= Favre family =

Genevan notable family

The Favre family was a family of notables of Geneva, one of many bearing this surname in Romandy.

== Origins and early modern magistrates ==

Coming from Échallens, Jean Favre (d. 1525), a cloth merchant, settled in Geneva around 1480 and was received as a burgher in 1508. The family's social rise was rapid: his son François Favre was a member of the Small Council and bought the fortified house of Vésenaz, which remained family property until 1764. François and his son Gaspard (d. 1556) belonged to the party of Ami Perrin, opposed to Calvin.

Jean (1556–1621), syndic every four years from 1598 to 1619, was the ancestor of a line that provided magistrates to Geneva until the eve of the Revolution. One of them, Ami (1592–1653), first syndic, was lord of Dardagny, and his son Daniel (1626–1696) lord of Châteauvieux and Confignon. Ami's residence on the rue des Etuves was sold in the early eighteenth century and demolished at the end of the nineteenth; its portal was transferred to the house of La Grange, acquired in 1800 and bequeathed to the city of Geneva in 1917.

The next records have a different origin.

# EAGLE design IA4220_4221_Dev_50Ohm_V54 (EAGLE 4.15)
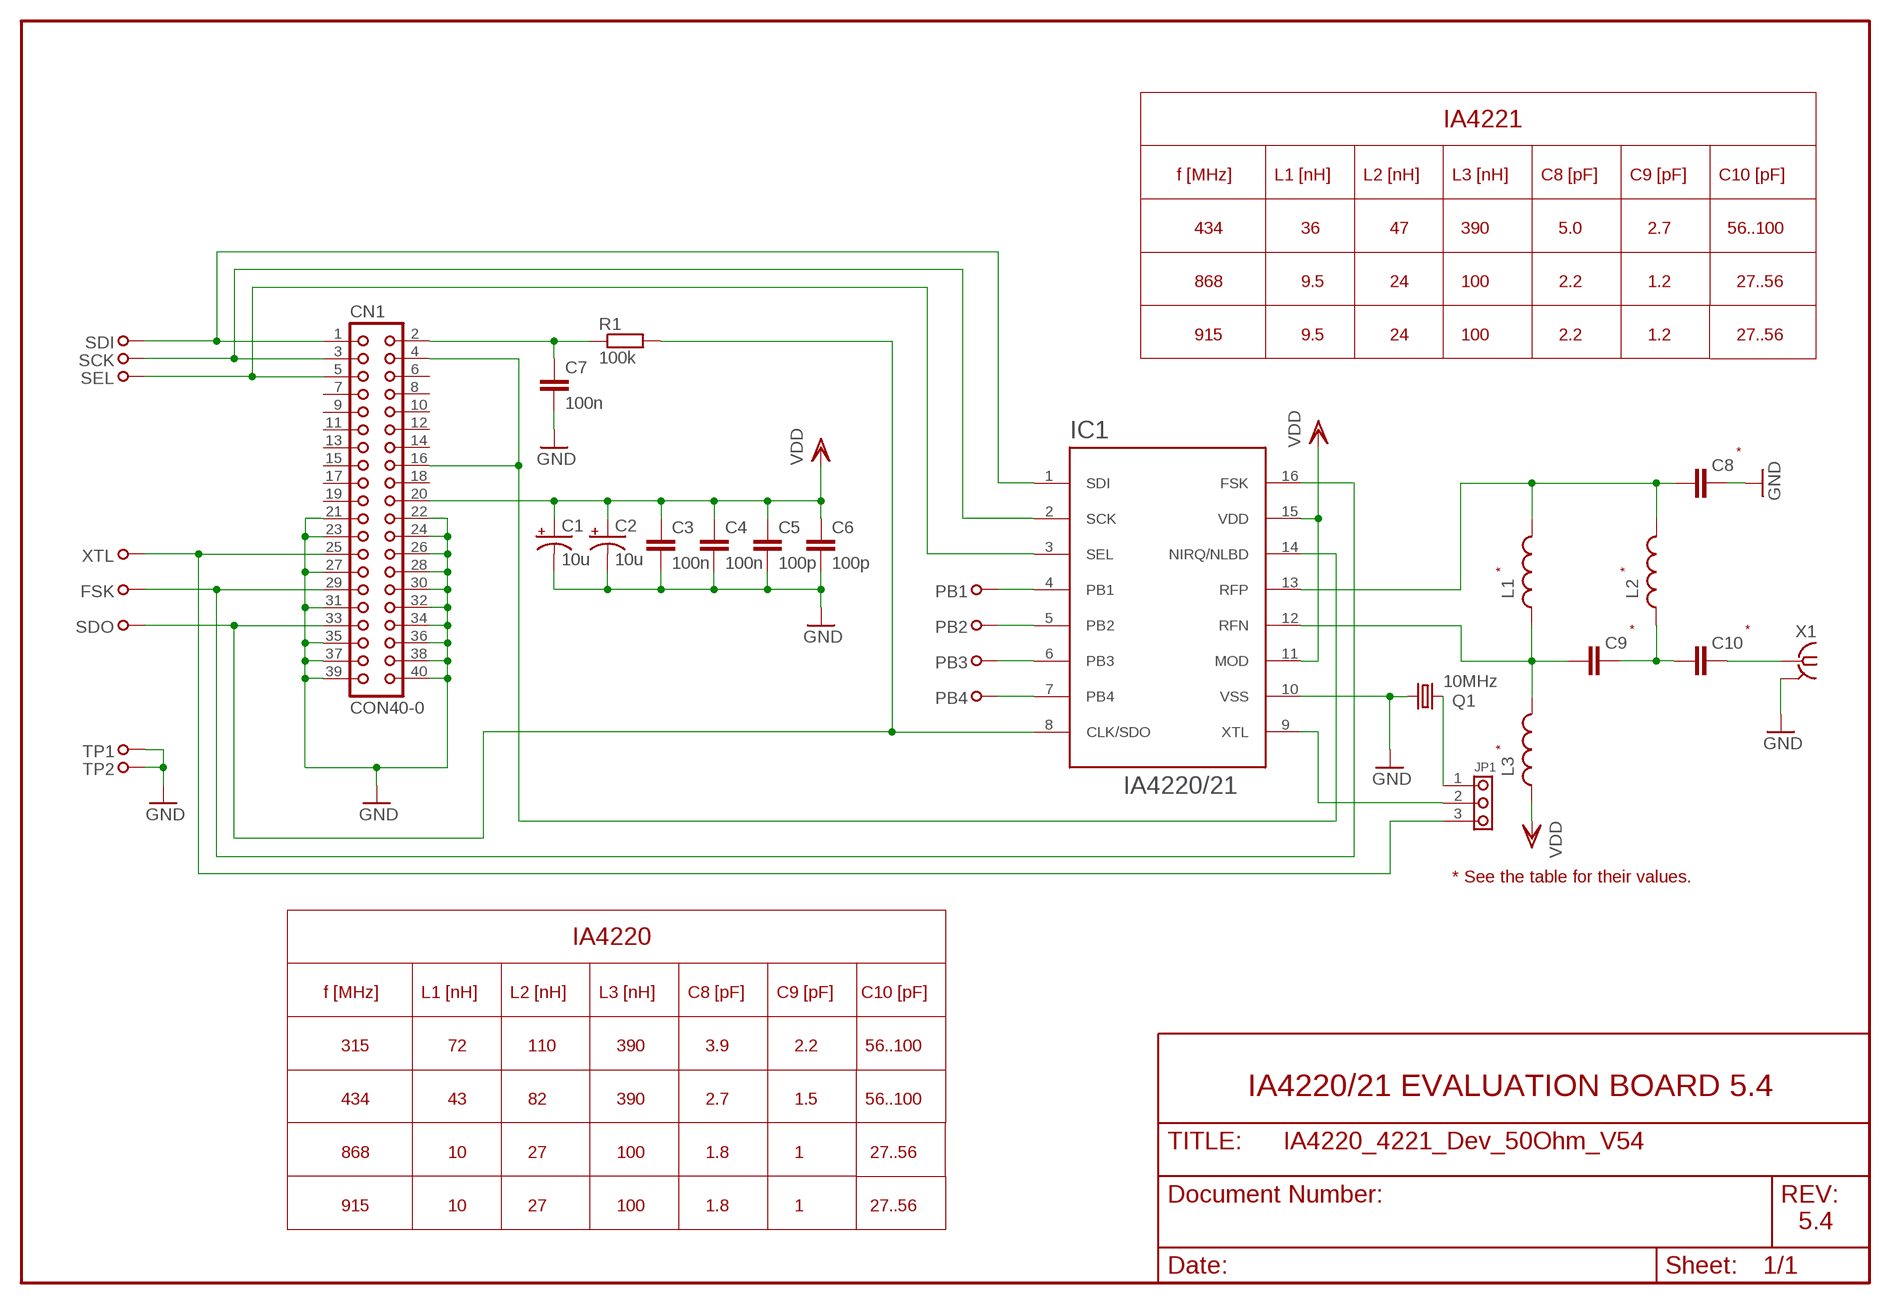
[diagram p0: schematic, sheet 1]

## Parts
C1  10u  CPOL-USA/3216-18R  [A/3216-18R]
C2  10u  CPOL-USA/3216-18R  [A/3216-18R]
C3  100n  C-EUC0603K  [C0603K]
C4  100n  C-EUC0603K  [C0603K]
C5  100p  C-EUC0603K  [C0603K]
C6  100p  C-EUC0603K  [C0603K]
C7  100n  C-EUC0603K  [C0603K]
C8  C-EUC0603K  [C0603K]
C9  C-EUC0603K  [C0603K]
C10  C-EUC0603K  [C0603K]
CN1  CON40-0  [PANDUIT-057-040-0-INTEGRATION]
FSK  TESTPOINT39MIL  [TESTPOINT1,0]
IC1  IA4220/21  TINA-TSSOPNEW  [TSSOP-16(NEW)]
JP1  JUMPER3  [PIN3]
L1  INDUCTCOILCRAFT-0603  [L1608]
L2  INDUCTCOILCRAFT-0603  [L1608]
L3  INDUCTCOILCRAFT-0603  [L1608]
PB1  TESTPOINT39MIL  [TESTPOINT1,0]
PB2  TESTPOINT39MIL  [TESTPOINT1,0]
PB3  TESTPOINT39MIL  [TESTPOINT1,0]
PB4  TESTPOINT39MIL  [TESTPOINT1,0]
Q1  10MHz  SM49  [SM49]
R1  100k  R-EU_R0603  [R0603]
SCK  TESTPOINT39MIL  [TESTPOINT1,0]
SDI  TESTPOINT39MIL  [TESTPOINT1,0]
SDO  TESTPOINT39MIL  [TESTPOINT1,0]
SEL  TESTPOINT39MIL  [TESTPOINT1,0]
TP1  TESTPOINT39MIL  [TESTPOINT1,0]
TP2  TESTPOINT39MIL  [TESTPOINT1,0]
X1  BU-SMA-H  [BU-SMA-H]
XTL  TESTPOINT39MIL  [TESTPOINT1,0]

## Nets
GND: C1.- C2.- C3.2 C4.2 C5.2 C6.2 C7.2 C8.2 CN1.21 CN1.22 CN1.23 CN1.24 CN1.26 CN1.27 CN1.28 CN1.30 CN1.31 CN1.32 CN1.34 CN1.35 CN1.36 CN1.37 CN1.38 CN1.39 CN1.40 IC1.10(VSS) Q1.2 TP1.1 TP2.1 X1.2(GND)
N$1: CN1.3 IC1.2(SCK) SCK.1
N$2: C8.1 IC1.13(RFP) L1.2 L2.2
N$3: CN1.5 IC1.3(SEL) SEL.1
N$4: CN1.33 IC1.8(CLK/SDO) R1.2 SDO.1
N$5: C7.1 CN1.2 R1.1
N$7: C9.1 IC1.12(RFN) L1.1 L3.2
N$8: IC1.4(PB1) PB1.1
N$9: IC1.5(PB2) PB2.1
N$10: IC1.6(PB3) PB3.1
N$11: C9.2 C10.1 L2.1
N$12: IC1.7(PB4) PB4.1
N$13: C10.2 X1.1
N$14: CN1.1 IC1.1(SDI) SDI.1
N$19: CN1.29 FSK.1 IC1.16(FSK)
N$21: CN1.25 JP1.3 XTL.1
N$24: JP1.1 Q1.1
N$25: IC1.9(XTL) JP1.2
TINA: CN1.4 CN1.16 IC1.14(NIRQ/NLBD)
VDD: C1.+ C2.+ C3.1 C4.1 C5.1 C6.1 CN1.20 IC1.11(MOD) IC1.15(VDD) L3.1
Unconnected: CN1.6 CN1.7 CN1.8 CN1.9 CN1.10 CN1.11 CN1.12 CN1.13 CN1.14 CN1.15 CN1.17 CN1.18 CN1.19

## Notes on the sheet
- IA4221
- f [MHz] | L1 [nH] | L2 [nH] | L3 [nH] | C8 [pF] | C9 [pF] | C10 [pF]
- 434 | 36 | 47 | 390 | 5.0 | 2.7 | 56..100
- 868 | 9.5 | 24 | 100 | 2.2 | 1.2 | 27..56
- 915 | 9.5 | 24 | 100 | 2.2 | 1.2 | 27..56
- *
- * | *
- * | *
- *
- * See the table for their values.
- IA4220
- f [MHz] | L1 [nH] | L2 [nH] | L3 [nH] | C8 [pF] | C9 [pF] | C10 [pF]
- 315 | 72 | 110 | 390 | 3.9 | 2.2 | 56..100
- IA4220/21 EVALUATION BOARD 5.4
- 434 | 43 | 82 | 390 | 2.7 | 1.5 | 56..100
- 868 | 10 | 27 | 100 | 1.8 | 1 | 27..56
- 915 | 10 | 27 | 100 | 1.8 | 1 | 27..56
- 5.4

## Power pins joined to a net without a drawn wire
GND: X1.3(GND) X1.4(GND) X1.5(GND)

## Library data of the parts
C1 C2 = rcl:CPOL-US: POLARIZED CAPACITOR, American symbol
C3-C10 = rcl:C-EU: CAPACITOR, European symbol
CN1 = lve:CON40
FSK PB1-PB4 SCK SDI SDO SEL TP1 TP2 XTL = lve:TESTPOINT
IC1 = lve:TINA-TSSOP
JP1 = lve:JUMPER3
L1-L3 = lve:INDUCT: SUMIDA
Q1 = crystal:SM49: CRYSTAL
R1 = rcl:R-EU_: RESISTOR, European symbol
X1 = con-coax:BU-SMA-H: FEMALE SMA CONNECTOR Radiall distributor RS 193-9325

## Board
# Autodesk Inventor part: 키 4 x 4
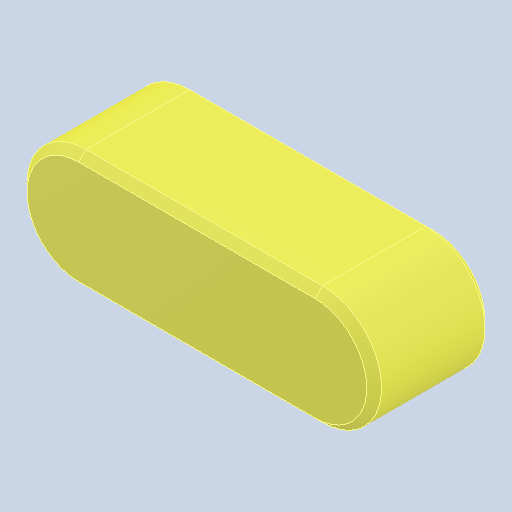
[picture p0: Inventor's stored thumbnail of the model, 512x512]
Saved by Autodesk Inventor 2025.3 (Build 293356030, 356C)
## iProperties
Created: 2025-08
Part Number: 키 4 x 4
Material: 강철, 연강
Description: 키 및 해당 키홈
Document SubType Name: Modeling
Designer: user
Density: 7.86 g/cm^3
Appearance: 기본값
Author: jhkim
Sending System: Autodesk Inventor 2026
Preprocessor: ST-DEVELOPER v20.1
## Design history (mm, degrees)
sketch "스케치1"
  geometry: 1 further point
  constraints: 1 other
feature "Solid1"
node "솔리드1"

== Nineteenth-century scholars and philanthropists ==

In the nineteenth century, the Favres, without abandoning political life, produced several scholars: Guillaume (1770–1851), director of the Library and one of the founders of the Société de lecture and of the Société d'histoire et d'archéologie; his sons Edmond Favre and Alphonse Favre; his grandsons William Favre, Camille Favre (1845–1914), archivist-palaeographer and archaeologist, Ernest Favre (1845–1925), geologist, Léopold Favre, and Edouard Favre (1855–1942), historian.

Edmond and his sons were staff officers and authors of military works. Ernest and Edouard were also active in missionary works, and Edmond and Camille sat on the ICRC. Their daughter and sister Alice (1851–1929) chaired the Geneva Red Cross during the First World War. The Favres devoted part of their fortune to philanthropic works.

== Bibliography ==

- Galiffe, Notices généalogiques.
- Almanach généalogique suisse, 4, 198–204; 6, 190–193.
- Livre du Recteur, 3, 284–291.
- Monuments d'art et d'histoire du canton de Genève, 2, 2001, 346–352.